04/09/2008 (4:00 pm)

[DVD through March]

* First off, did I forget to post about For the Bible Tells Me So? I am thinking I did! Fail. Every year at the film festival there are movies I hear about in line, but never manage to see. For the Bible Tells Me So was 07’s, and now I understand why. I’ve seen a lot of queer-themed documentaries, and even a few others on gays-and-religion, but this one was easily the best. American-focused, of course.

* On a recommendation from a friend, I queued Shackleton, the story of the 1914 trip of the Endurance to the South Pole. Beautifully filmed & acted. It is long, yes, but I thought it was well-paced. I have to admit I was particularly taken with all the scenes including the men singing, showing how they passed the time at sea. Also, I have to give a shout-out to Matt Day who played the photographer Frank Hurley. He’s in one of my favorite comfort movies, the criminally underrated Love and Other Catastrophes (which seriously needs to come out on DVD soon, before my VHS wears out.) Oh! It was also neat to see it after going to the Maritime Museum in Greenwich this summer — they have the replica of the James Caird used in the film.

* The Lion in Winter was utterly delicious. I’m just sorry that there wasn’t a revival of it to pair with last winter’s big screen adventure with Becket.

* Kiss of Death was in my queue already after Noir City, but I bumped it to the top after the death of Richard Widmark in late March. It’s a solid enough noir on its own, but (as everyone knows) it’s Widmark’s portrayal of the villain Tommy Udo that makes it particularly worth seeing.

* The week after Widmark passed, his Night and the City director Jules Dassin died, so Rififi moved on up the queue. I wrote a bit about Dassin on the ephemeral blog already, but in between the two films, he was blacklisted, which is why Rififi was filmed in France. It’s *the* classic heist film, worth seeing for lots of things, but in particular for the heist itself, something like a half hour with no dialogue but an excellent score. Um. No pun intended. This is not a hijinks sort of heist movie. It’s very dark.

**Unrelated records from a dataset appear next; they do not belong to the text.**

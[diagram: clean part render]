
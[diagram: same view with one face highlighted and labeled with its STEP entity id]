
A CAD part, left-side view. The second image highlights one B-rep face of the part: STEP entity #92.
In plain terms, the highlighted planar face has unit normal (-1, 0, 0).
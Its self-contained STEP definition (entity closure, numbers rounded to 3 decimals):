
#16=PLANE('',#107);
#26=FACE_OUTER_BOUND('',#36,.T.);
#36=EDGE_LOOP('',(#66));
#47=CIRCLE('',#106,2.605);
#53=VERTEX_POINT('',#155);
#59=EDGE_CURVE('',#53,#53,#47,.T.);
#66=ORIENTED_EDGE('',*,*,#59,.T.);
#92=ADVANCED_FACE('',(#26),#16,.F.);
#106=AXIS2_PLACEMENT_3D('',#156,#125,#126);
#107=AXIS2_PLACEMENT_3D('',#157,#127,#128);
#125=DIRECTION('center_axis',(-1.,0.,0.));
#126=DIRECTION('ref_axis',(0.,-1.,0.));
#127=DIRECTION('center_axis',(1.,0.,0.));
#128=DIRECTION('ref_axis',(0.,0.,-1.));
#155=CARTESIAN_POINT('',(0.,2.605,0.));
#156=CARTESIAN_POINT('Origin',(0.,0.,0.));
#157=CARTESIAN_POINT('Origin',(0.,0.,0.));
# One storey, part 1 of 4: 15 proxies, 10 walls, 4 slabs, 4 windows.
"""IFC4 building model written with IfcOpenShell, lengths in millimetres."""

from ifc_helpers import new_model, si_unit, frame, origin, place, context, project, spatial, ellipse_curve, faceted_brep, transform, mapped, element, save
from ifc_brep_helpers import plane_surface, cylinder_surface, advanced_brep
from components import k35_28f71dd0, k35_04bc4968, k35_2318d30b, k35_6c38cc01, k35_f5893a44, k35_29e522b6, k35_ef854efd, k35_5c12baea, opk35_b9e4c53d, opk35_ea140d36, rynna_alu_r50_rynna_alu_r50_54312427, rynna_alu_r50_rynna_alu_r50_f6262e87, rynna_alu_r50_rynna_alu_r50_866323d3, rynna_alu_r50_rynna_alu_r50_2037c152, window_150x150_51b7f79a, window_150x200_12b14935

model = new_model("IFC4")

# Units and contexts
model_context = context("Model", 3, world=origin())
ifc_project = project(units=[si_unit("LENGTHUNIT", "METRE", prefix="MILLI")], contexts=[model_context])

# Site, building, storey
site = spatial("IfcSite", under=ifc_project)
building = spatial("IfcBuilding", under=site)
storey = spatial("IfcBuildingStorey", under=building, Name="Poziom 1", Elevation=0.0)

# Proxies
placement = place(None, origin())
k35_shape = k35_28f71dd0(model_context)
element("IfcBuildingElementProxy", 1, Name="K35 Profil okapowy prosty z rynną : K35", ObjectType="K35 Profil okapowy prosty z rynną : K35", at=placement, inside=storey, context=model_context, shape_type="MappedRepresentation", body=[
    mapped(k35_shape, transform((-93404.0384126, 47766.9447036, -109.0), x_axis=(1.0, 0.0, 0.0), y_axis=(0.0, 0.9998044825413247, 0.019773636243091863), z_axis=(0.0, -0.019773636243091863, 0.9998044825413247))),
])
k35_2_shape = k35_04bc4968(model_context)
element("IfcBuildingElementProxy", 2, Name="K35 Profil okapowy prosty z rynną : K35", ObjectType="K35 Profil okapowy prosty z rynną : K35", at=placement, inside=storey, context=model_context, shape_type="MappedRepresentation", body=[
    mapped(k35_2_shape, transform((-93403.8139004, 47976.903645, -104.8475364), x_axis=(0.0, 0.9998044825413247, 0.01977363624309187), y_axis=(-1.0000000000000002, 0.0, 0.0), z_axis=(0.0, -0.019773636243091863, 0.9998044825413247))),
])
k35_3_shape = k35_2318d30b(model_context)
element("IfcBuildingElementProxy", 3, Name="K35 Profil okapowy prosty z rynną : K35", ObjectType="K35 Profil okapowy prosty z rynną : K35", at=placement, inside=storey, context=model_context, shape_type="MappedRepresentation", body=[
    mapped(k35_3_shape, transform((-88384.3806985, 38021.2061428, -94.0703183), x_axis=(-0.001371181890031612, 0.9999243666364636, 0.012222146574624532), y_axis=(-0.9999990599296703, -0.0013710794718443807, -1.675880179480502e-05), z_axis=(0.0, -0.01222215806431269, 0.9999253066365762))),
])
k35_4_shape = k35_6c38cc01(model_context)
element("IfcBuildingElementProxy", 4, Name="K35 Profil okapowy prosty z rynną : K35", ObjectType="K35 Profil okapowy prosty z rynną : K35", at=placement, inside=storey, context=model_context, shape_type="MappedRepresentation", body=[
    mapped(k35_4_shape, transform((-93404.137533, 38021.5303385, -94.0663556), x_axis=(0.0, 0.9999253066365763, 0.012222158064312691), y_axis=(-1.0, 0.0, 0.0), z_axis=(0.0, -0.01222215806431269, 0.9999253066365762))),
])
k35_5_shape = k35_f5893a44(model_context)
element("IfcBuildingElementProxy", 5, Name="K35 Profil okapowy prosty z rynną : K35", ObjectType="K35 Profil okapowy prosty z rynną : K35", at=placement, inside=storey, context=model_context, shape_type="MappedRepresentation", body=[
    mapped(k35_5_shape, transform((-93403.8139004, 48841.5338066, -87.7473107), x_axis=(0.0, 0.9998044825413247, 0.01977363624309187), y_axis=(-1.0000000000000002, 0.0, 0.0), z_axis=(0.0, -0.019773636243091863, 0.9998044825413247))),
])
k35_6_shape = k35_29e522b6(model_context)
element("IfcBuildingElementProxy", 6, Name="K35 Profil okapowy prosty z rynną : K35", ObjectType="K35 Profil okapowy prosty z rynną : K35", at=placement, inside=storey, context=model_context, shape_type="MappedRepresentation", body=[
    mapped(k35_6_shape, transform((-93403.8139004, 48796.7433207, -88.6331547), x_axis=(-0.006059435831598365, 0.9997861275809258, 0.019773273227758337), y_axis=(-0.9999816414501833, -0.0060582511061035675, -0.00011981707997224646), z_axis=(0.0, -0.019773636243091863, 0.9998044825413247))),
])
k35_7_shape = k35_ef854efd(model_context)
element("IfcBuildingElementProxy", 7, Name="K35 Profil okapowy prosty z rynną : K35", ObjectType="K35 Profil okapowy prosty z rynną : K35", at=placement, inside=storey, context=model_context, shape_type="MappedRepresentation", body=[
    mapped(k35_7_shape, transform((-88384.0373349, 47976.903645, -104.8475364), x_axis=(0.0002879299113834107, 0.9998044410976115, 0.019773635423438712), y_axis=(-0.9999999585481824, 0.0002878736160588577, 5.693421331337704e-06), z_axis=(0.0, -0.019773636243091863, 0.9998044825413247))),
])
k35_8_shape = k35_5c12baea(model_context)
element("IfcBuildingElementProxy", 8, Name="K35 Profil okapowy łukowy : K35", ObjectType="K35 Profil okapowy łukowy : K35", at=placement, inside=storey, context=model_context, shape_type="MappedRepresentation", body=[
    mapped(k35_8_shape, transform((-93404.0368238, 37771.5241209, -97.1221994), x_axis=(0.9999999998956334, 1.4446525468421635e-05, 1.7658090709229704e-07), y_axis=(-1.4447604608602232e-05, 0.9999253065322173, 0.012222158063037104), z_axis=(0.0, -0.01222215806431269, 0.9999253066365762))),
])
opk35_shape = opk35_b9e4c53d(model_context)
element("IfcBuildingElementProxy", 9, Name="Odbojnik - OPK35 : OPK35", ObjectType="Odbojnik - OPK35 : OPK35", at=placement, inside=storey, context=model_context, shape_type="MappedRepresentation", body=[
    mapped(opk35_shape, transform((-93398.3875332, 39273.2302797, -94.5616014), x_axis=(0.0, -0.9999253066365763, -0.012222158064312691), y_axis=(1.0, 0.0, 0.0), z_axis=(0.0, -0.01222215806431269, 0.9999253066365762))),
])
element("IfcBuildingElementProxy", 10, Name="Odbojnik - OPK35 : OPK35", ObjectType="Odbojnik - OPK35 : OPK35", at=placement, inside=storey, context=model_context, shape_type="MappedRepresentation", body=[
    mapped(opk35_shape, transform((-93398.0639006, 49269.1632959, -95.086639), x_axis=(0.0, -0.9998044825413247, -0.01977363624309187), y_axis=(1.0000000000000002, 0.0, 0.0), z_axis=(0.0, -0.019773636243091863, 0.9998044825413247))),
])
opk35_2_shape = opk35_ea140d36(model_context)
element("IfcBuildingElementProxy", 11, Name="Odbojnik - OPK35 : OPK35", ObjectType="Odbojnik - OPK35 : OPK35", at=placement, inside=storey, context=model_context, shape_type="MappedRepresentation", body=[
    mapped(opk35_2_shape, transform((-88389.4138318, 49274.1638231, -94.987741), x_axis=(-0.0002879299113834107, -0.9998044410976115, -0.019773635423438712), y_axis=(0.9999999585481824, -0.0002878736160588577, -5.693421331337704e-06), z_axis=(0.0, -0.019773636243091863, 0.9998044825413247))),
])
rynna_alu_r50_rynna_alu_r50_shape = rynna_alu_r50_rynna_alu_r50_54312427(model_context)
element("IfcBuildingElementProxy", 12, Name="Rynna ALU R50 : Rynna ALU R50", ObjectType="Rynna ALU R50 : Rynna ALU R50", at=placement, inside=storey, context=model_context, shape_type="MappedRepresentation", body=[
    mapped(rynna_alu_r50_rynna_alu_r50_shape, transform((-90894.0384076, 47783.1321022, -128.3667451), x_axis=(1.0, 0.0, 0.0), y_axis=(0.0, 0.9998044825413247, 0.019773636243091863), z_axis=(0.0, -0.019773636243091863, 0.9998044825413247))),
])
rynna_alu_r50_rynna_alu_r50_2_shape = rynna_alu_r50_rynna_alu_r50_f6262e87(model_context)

* The Best of Youth was a six hour Italian film, originally aired on television in four parts, and then as an edited version in the theater. I am a total sucker for any sort of epic family history piece, and this was beautiful and satisfying. Also, I might now have a bit of a crush on Luigi Lo Cascio.

* Toy Story, I realize, is sort of a random selection, but I’m in a group on Ravelry that’s working through the AFI Top 100. I actually hadn’t seen it in years, possibly not since shortly after it came out on video, and I was surprised to see how well it stands up. The animation is still strong (my favorite bits being the details like scuff marks at the bottom of doors), the story has a lot of great stuff going on, and probably the use of classic toys helps it feel all the more timeless. But the thing I noticed most about it this time around is that Andy’s is a single parent household. His mom cares for him & his sister, maintains a gorgeous home, plans his birthday and the family move, and there’s never a mention of a father. So cool!